WHAT YOU NEED TO DO:
Say how many lines in the records contain the string "thickness". Nothing but the number should be given.

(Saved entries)
--- START ---

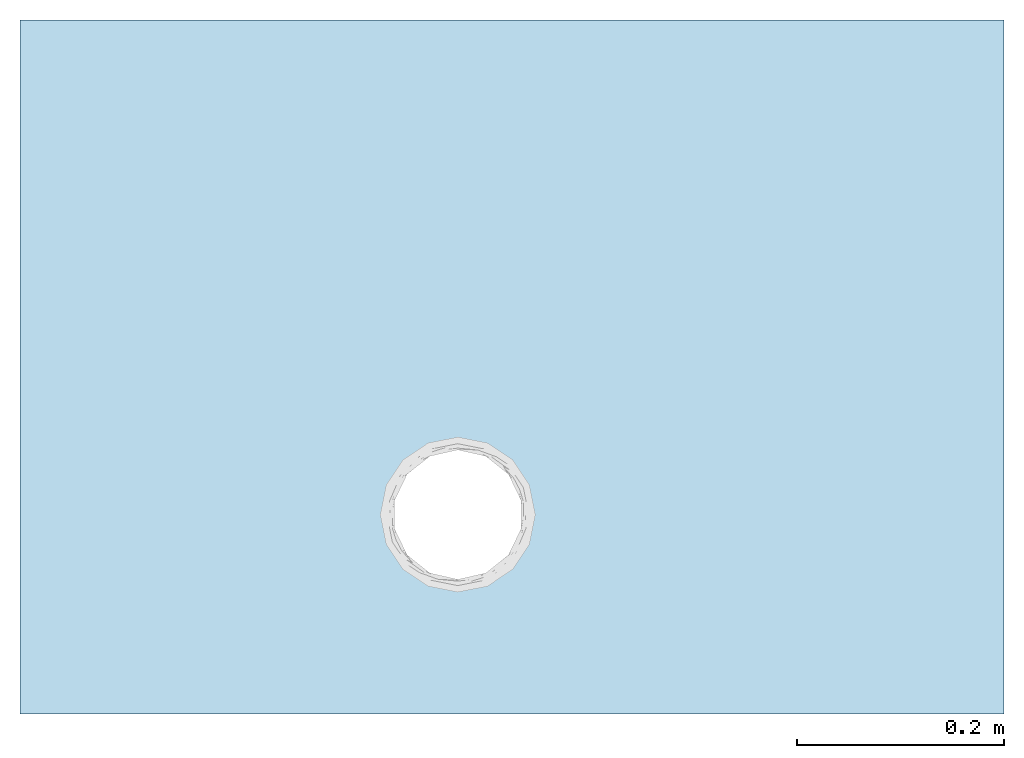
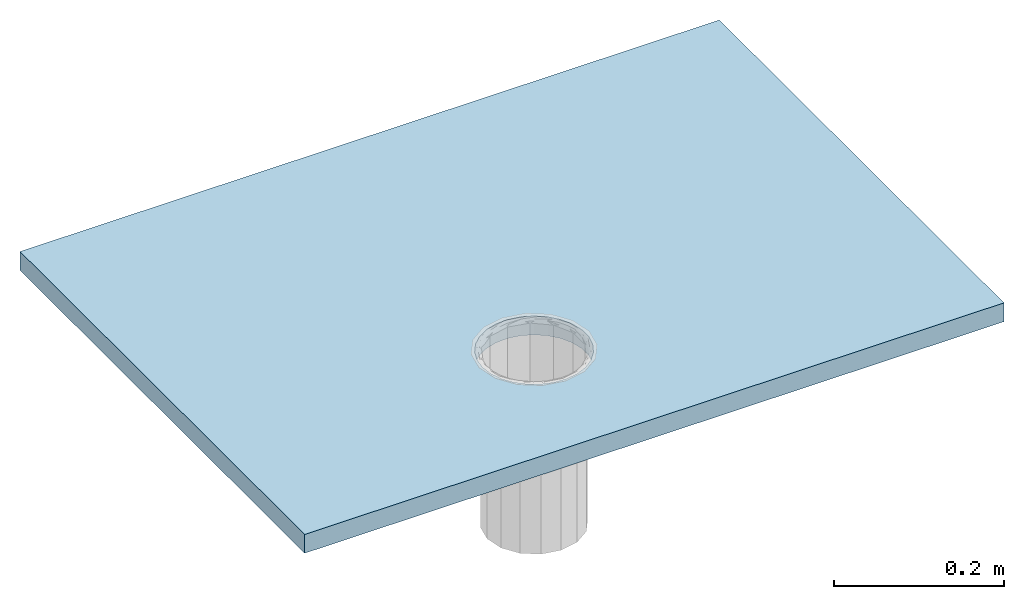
# One storey, incomplete: 1 slab, 1 opening.
"""IFC2X3 building model written with IfcOpenShell, lengths in millimetres."""

import ifcopenshell
import ifcopenshell.guid

model = None  # the IFC model being written
_history = None  # IfcOwnerHistory: only IFC2X3 demands one
_inside = {}  # id of a spatial element -> (the spatial element, [elements in it])
_under = {}  # id of a project, library or spatial element -> (it, [spatial elements below it])
_declared = {}  # id of a project -> (the project, [libraries it declares])
_typed = {}  # id of a type object -> (the type object, [elements of that type])
_made_of = {}  # id of a material, layer set ... -> (it, [elements and type objects made of it])


def new_model(schema):
    """Start an empty IFC model of exactly this schema.

    Asked for "IFC4X3", IfcOpenShell would pick the latest addendum, in which some entities
    have other attributes; the version numbers below select the first issue.
    IFC2X3 requires an IfcOwnerHistory on every rooted entity: one is made here for all.
    """
    global model, _history
    if schema == "IFC4X3":
        model = ifcopenshell.file(schema_version=(4, 3, 0, 0))
    else:
        model = ifcopenshell.file(schema=schema)
    _inside.clear()
    _under.clear()
    _declared.clear()
    _typed.clear()
    _made_of.clear()
    _history = None
    if model.schema == "IFC2X3":
        org = make("IfcOrganization", Name="unknown")
        user = make(
            "IfcPersonAndOrganization",
            ThePerson=make("IfcPerson", FamilyName="unknown"),
            TheOrganization=org,
        )
        app = make(
            "IfcApplication",
            ApplicationDeveloper=org,
            Version="unknown",
            ApplicationFullName="unknown",
            ApplicationIdentifier="unknown",
        )
        _history = make(
            "IfcOwnerHistory",
            OwningUser=user,
            OwningApplication=app,
            ChangeAction="ADDED",
            CreationDate=0,
        )
    return model


def make(cls, **values):
    """One entity of the class cls with the attributes given. An attribute that is None is left unset."""
    return model.create_entity(
        cls, **{name: value for name, value in values.items() if value is not None}
    )


def entity(cls, *values):
    """Any entity or typed value of the class cls, its attributes in the order of the schema. None: left unset."""
    e = model.create_entity(cls)
    for i, value in enumerate(values):
        if value is not None:
            e[i] = value
    return e


def rooted(cls, **values):
    """An entity with a GlobalId (a new one), such as an element, a storey or a relation."""
    return make(cls, GlobalId=ifcopenshell.guid.new(), OwnerHistory=_history, **values)


def si_unit(unit_type, name, prefix=None):
    """IfcSIUnit, for example si_unit("LENGTHUNIT", "METRE", prefix="MILLI")."""
    return make("IfcSIUnit", UnitType=unit_type, Prefix=prefix, Name=name)


def converted_unit(unit_type, name, factor, base, dimensions=None, offset=None):
    """IfcConversionBasedUnit, such as the inch: factor (a typed value) times the base unit."""
    return make(
        "IfcConversionBasedUnit"
        if offset is None
        else "IfcConversionBasedUnitWithOffset",
        ConversionOffset=offset,
        Dimensions=None
        if dimensions is None
        else entity("IfcDimensionalExponents", *dimensions),
        UnitType=unit_type,
        Name=name,
        ConversionFactor=make(
            "IfcMeasureWithUnit", ValueComponent=factor, UnitComponent=base
        ),
    )


def derived_unit(unit_type, elements):
    """IfcDerivedUnit: a product of units, each with its exponent."""
    return make(
        "IfcDerivedUnit",
        Elements=[
            make("IfcDerivedUnitElement", Unit=unit, Exponent=power)
            for unit, power in elements
        ],
        UnitType=unit_type,
    )


def assignment(units):
    """IfcUnitAssignment: the units of a project."""
    return None if units is None else make("IfcUnitAssignment", Units=units)


def point(xyz):
    """IfcCartesianPoint."""
    return None if xyz is None else make("IfcCartesianPoint", Coordinates=xyz)


def direction(xyz):
    """IfcDirection."""
    return None if xyz is None else make("IfcDirection", DirectionRatios=xyz)


def frame(location, z_axis=None, x_axis=None):
    """IfcAxis2Placement3D, a coordinate frame: its origin and axes. An axis left out is left unset."""
    return make(
        "IfcAxis2Placement3D",
        Location=point(location),
        Axis=direction(z_axis),
        RefDirection=direction(x_axis),
    )


def frame_2d(location, x_axis=None):
    """IfcAxis2Placement2D, a coordinate frame in the plane: its origin and x axis."""
    return make(
        "IfcAxis2Placement2D", Location=point(location), RefDirection=direction(x_axis)
    )


def origin():
    """The frame at (0, 0, 0) with its axes left unset."""
    return frame((0.0, 0.0, 0.0))


def place(relative_to, where):
    """IfcLocalPlacement: puts the frame where relative to a parent placement (None: the world)."""
    return make(
        "IfcLocalPlacement", PlacementRelTo=relative_to, RelativePlacement=where
    )


def context(
    kind, dimensions, precision=None, world=None, true_north=None, identifier=None
):
    """IfcGeometricRepresentationContext, for example the 3D "Model" context."""
    return make(
        "IfcGeometricRepresentationContext",
        ContextIdentifier=identifier,
        ContextType=kind,
        CoordinateSpaceDimension=dimensions,
        Precision=precision,
        WorldCoordinateSystem=world,
        TrueNorth=true_north,
    )


def subcontext(parent, identifier, kind, view, scale=None):
    """IfcGeometricRepresentationSubContext, for example "Body" below "Model"."""
    return make(
        "IfcGeometricRepresentationSubContext",
        ContextIdentifier=identifier,
        ContextType=kind,
        ParentContext=parent,
        TargetScale=scale,
        TargetView=view,
    )


def project(units=None, contexts=None):
    """IfcProject with its units and contexts."""
    return rooted(
        "IfcProject",
        Name="project",
        RepresentationContexts=contexts,
        UnitsInContext=assignment(units),
    )


def spatial(cls, under=None, at=None, **own):
    """A site, building, storey or space (cls), placed at a placement, below another one or the project."""
    s = rooted(cls, ObjectPlacement=at, **own)
    if under is not None:
        _under.setdefault(under.id(), (under, []))[1].append(s)
    return s


def profile(cls, at=None, kind="AREA", **sizes):
    """A parametric profile (cls). Its sizes go by their IFC names, for example OverallWidth=200.0."""
    return make(cls, ProfileType=kind, Position=at, **sizes)


def rectangle(**sizes):
    """IfcRectangleProfileDef."""
    return profile("IfcRectangleProfileDef", **sizes)


def circle(**sizes):
    """IfcCircleProfileDef."""
    return profile("IfcCircleProfileDef", **sizes)


def extrude(swept, where, along, depth):
    """IfcExtrudedAreaSolid: the profile swept, set in the frame where, extruded along a direction by depth."""
    return make(
        "IfcExtrudedAreaSolid",
        SweptArea=swept,
        Position=where,
        ExtrudedDirection=direction(along),
        Depth=depth,
    )


def shape(context_of_items, identifier, shape_type, items):
    """IfcShapeRepresentation: the items that make up one representation, for example the "Body"."""
    return make(
        "IfcShapeRepresentation",
        ContextOfItems=context_of_items,
        RepresentationIdentifier=identifier,
        RepresentationType=shape_type,
        Items=items,
    )


def material(Name=None, Category=None):
    """IfcMaterial."""
    return make("IfcMaterial", Name=Name, Category=Category)


def layer(
    of_material, thickness, ventilated=None, Name=None, Category=None, Priority=None
):
    """IfcMaterialLayer: one layer of a wall or slab, of a material (None: an air gap)."""
    return make(
        "IfcMaterialLayer",
        Material=of_material,
        LayerThickness=thickness,
        IsVentilated=ventilated,
        Name=Name,
        Category=Category,
        Priority=Priority,
    )


def layer_set(layers, Name=None):
    """IfcMaterialLayerSet."""
    return make("IfcMaterialLayerSet", MaterialLayers=layers, LayerSetName=Name)


def layer_usage(for_layer_set, set_direction, sense, offset, extent=None):
    """IfcMaterialLayerSetUsage: how a layer set lies in its element."""
    return make(
        "IfcMaterialLayerSetUsage",
        ForLayerSet=for_layer_set,
        LayerSetDirection=set_direction,
        DirectionSense=sense,
        OffsetFromReferenceLine=offset,
        ReferenceExtent=extent,
    )


def made_of(thing, what):
    """Note that an element or type object is made of a material, layer set ...; save() writes the relation."""
    if what is not None:
        _made_of.setdefault(what.id(), (what, []))[1].append(thing)
    return thing


def element(
    cls,
    number,
    at=None,
    inside=None,
    cuts=None,
    type_object=None,
    material=None,
    context=None,
    identifier="Body",
    shape_type=None,
    held_by="IfcProductDefinitionShape",
    body=None,
    shapes=None,
    **own,
):
    """One element of the class cls, such as IfcWall. Its Tag is "e" and its number.

    at: its placement. inside: the storey or other place that contains it. cuts: it is an
    opening in that element (IfcRelVoidsElement). A single representation is given by context,
    identifier, shape_type and body (its items); several are given by shapes. held_by: the class
    of the entity that holds the representations. save() writes the other relations.
    """
    e = rooted(cls, Tag="e%d" % number, ObjectPlacement=at, **own)
    if body is not None:
        shapes = [shape(context, identifier, shape_type, body)]
    if shapes is not None:
        e.Representation = make(held_by, Representations=shapes)
    if inside is not None:
        _inside.setdefault(inside.id(), (inside, []))[1].append(e)
    if cuts is not None:
        rooted(
            "IfcRelVoidsElement", RelatingBuildingElement=cuts, RelatedOpeningElement=e
        )
    if type_object is not None:
        _typed.setdefault(type_object.id(), (type_object, []))[1].append(e)
    return made_of(e, material)


def aggregate(whole, parts):
    """IfcRelAggregates: a whole, such as a stair, and the parts it consists of."""
    return rooted("IfcRelAggregates", RelatingObject=whole, RelatedObjects=parts)


def save(model, path):
    """Write the relations noted so far, then the file.

    IfcRelAggregates (storeys below a building ...), IfcRelContainedInSpatialStructure (elements
    in a storey), IfcRelDefinesByType, IfcRelAssociatesMaterial and IfcRelDeclares: one each for
    every whole, place, type object, material and project.
    """
    for whole, parts in _under.values():
        aggregate(whole, parts)
    for where, things in _inside.values():
        rooted(
            "IfcRelContainedInSpatialStructure",
            RelatedElements=things,
            RelatingStructure=where,
        )
    for kind, things in _typed.values():
        rooted("IfcRelDefinesByType", RelatedObjects=things, RelatingType=kind)
    for what, things in _made_of.values():
        rooted("IfcRelAssociatesMaterial", RelatedObjects=things, RelatingMaterial=what)
    for by, libraries in _declared.values():
        rooted("IfcRelDeclares", RelatingContext=by, RelatedDefinitions=libraries)
    model.write(path)


model = new_model("IFC2X3")

# Units and contexts
model_context = context("Model", 3, precision=1e-05, world=origin(), true_north=direction((2.0, 6.12303176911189e-17, 1.0)))
context_of_model = context(None, 3, precision=1e-05, world=origin(), true_north=direction((2.0, 6.12303176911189e-17, 1.0)))
body_context = subcontext(model_context, "Body", "Model", "MODEL_VIEW")
ifc_project = project(units=[si_unit("LENGTHUNIT", "METRE", prefix="MILLI"), si_unit("AREAUNIT", "SQUARE_METRE"), si_unit("VOLUMEUNIT", "CUBIC_METRE"), converted_unit("PLANEANGLEUNIT", "DEGREE", entity("IfcRatioMeasure", 0.0174532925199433), si_unit("PLANEANGLEUNIT", "RADIAN"), dimensions=[0, 0, 0, 0, 0, 0, 0]), si_unit("MASSUNIT", "GRAM", prefix="KILO"), si_unit("TIMEUNIT", "SECOND"), si_unit("THERMODYNAMICTEMPERATUREUNIT", "KELVIN"), derived_unit("THERMALTRANSMITTANCEUNIT", [(si_unit("MASSUNIT", "GRAM", prefix="KILO"), 1), (si_unit("THERMODYNAMICTEMPERATUREUNIT", "KELVIN"), -1), (si_unit("TIMEUNIT", "SECOND"), -3)]), derived_unit("VOLUMETRICFLOWRATEUNIT", [(si_unit("LENGTHUNIT", "METRE"), 3), (si_unit("TIMEUNIT", "SECOND"), -1)]), si_unit("POWERUNIT", "WATT")], contexts=[model_context, context_of_model])

# Site, building, storey
site_placement = place(None, origin())
site = spatial("IfcSite", under=ifc_project, at=site_placement, Name="Default", CompositionType="ELEMENT")
building_placement = place(site_placement, origin())
building = spatial("IfcBuilding", under=site, at=building_placement, CompositionType="ELEMENT")
storey_placement = place(building_placement, origin())
storey = spatial("IfcBuildingStorey", under=building, at=storey_placement, Name="Level 1", CompositionType="ELEMENT", Elevation=0.0)

# Slab, opening
ifc_material = material(Name="Analytical Floor Surface")
ifc_layer = layer(ifc_material, 27.0)
ifc_layer_set = layer_set([ifc_layer], Name="Floor:Counter")
ifc_layer_usage = layer_usage(ifc_layer_set, "AXIS3", "POSITIVE", 0.0)
slab_placement = place(storey_placement, frame((1273.28066973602, -176.375194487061, -27.0)))
slab = element("IfcSlab", 1, at=slab_placement, inside=storey, material=ifc_layer_usage, Name="Floor:Counter:2279", ObjectType="Floor:Counter", PredefinedType="FLOOR", context=body_context, shape_type="SweptSolid", body=[
    extrude(rectangle(XDim=670.0, YDim=950.0, at=frame_2d((0.0, 0.0), x_axis=(0.0, -1.0))), frame((475.0, 335.0, 27.0), z_axis=(0.0, 0.0, -1.0), x_axis=(-1.0, 0.0, 0.0)), (0.0, 0.0, 1.0), 27.0),
])
opening_placement = place(storey_placement, frame((1273.28066973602, -176.375194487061, -27.0)))
element("IfcOpeningElement", 2, at=opening_placement, cuts=slab, ObjectType="Opening", context=body_context, shape_type="SweptSolid", body=[
    extrude(circle(Radius=70.0, at=frame_2d((52.3226334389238, -142.543067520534), x_axis=(1.0, 0.0))), frame((475.0, 335.0, 27.0), z_axis=(0.0, 0.0, -1.0), x_axis=(-1.0, 0.0, 0.0)), (0.0, 0.0, 1.0), 27.0),
])

save(model, "model.ifc")
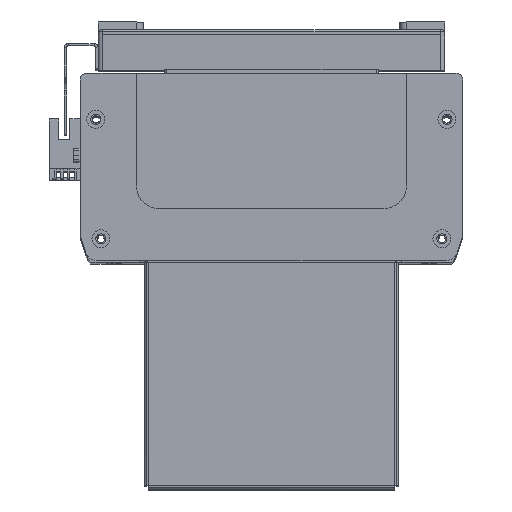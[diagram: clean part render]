
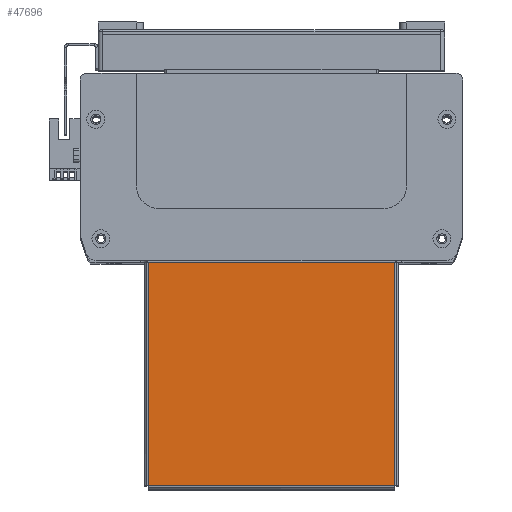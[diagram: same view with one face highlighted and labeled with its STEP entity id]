
A CAD part, top view. The second image highlights one B-rep face of the part: STEP entity #47696.
In plain terms, the highlighted planar face has unit normal (0, 0, 1).
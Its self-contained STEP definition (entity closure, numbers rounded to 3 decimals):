
#7365 = VERTEX_POINT ( 'NONE', #31911 ) ;
#7398 = VERTEX_POINT ( 'NONE', #31929 ) ;
#7449 = VERTEX_POINT ( 'NONE', #31950 ) ;
#7461 = VERTEX_POINT ( 'NONE', #32006 ) ;
#8288 = ORIENTED_EDGE ( 'NONE', *, *, #44554, .T. ) ;
#8295 = ORIENTED_EDGE ( 'NONE', *, *, #44543, .T. ) ;
#10883 = FACE_OUTER_BOUND ( 'NONE', #22993, .T. ) ;
#11756 = AXIS2_PLACEMENT_3D ( 'NONE', #14909, #14895, #14877 ) ;
#12972 = ORIENTED_EDGE ( 'NONE', *, *, #44553, .T. ) ;
#14877 = DIRECTION ( 'NONE',  ( 1., 0., 0. ) ) ;
#14895 = DIRECTION ( 'NONE',  ( 0., 0., 1. ) ) ;
#14907 = PLANE ( 'NONE',  #11756 ) ;
#14909 = CARTESIAN_POINT ( 'NONE',  ( 0., 0., 0. ) ) ;
#22993 = EDGE_LOOP ( 'NONE', ( #8288, #12972, #8295, #29698 ) ) ;
#26136 = VECTOR ( 'NONE', #40440, 1000. ) ;
#26974 = LINE ( 'NONE', #40398, #32381 ) ;
#27102 = LINE ( 'NONE', #40345, #27204 ) ;
#27204 = VECTOR ( 'NONE', #40323, 1000. ) ;
#27355 = LINE ( 'NONE', #40306, #27418 ) ;
#27418 = VECTOR ( 'NONE', #40404, 1000. ) ;
#27634 = LINE ( 'NONE', #40452, #26136 ) ;
#29698 = ORIENTED_EDGE ( 'NONE', *, *, #44556, .T. ) ;
#31911 = CARTESIAN_POINT ( 'NONE',  ( -54.763, 50., 0. ) ) ;
#31929 = CARTESIAN_POINT ( 'NONE',  ( 54.763, 50., 0. ) ) ;
#31950 = CARTESIAN_POINT ( 'NONE',  ( -54.763, -49.263, 0. ) ) ;
#32006 = CARTESIAN_POINT ( 'NONE',  ( 54.763, -49.263, 0. ) ) ;
#32381 = VECTOR ( 'NONE', #40397, 1000. ) ;
#40306 = CARTESIAN_POINT ( 'NONE',  ( -54.793, -49.263, 0. ) ) ;
#40323 = DIRECTION ( 'NONE',  ( 0., 1., 0. ) ) ;
#40345 = CARTESIAN_POINT ( 'NONE',  ( 54.763, -49.293, 0. ) ) ;
#40397 = DIRECTION ( 'NONE',  ( -1., 0., 0. ) ) ;
#40398 = CARTESIAN_POINT ( 'NONE',  ( -55.5, 50., 0. ) ) ;
#40404 = DIRECTION ( 'NONE',  ( 1., 0., 0. ) ) ;
#40440 = DIRECTION ( 'NONE',  ( 0., -1., 0. ) ) ;
#40452 = CARTESIAN_POINT ( 'NONE',  ( -54.763, 50., 0. ) ) ;
#44543 = EDGE_CURVE ( 'NONE', #7461, #7398, #27102, .T. ) ;
#44553 = EDGE_CURVE ( 'NONE', #7449, #7461, #27355, .T. ) ;
#44554 = EDGE_CURVE ( 'NONE', #7365, #7449, #27634, .T. ) ;
#44556 = EDGE_CURVE ( 'NONE', #7398, #7365, #26974, .T. ) ;
#47696 = ADVANCED_FACE ( 'NONE', ( #10883 ), #14907, .T. ) ;

--- END ---

WRITTEN RESPONSE:
2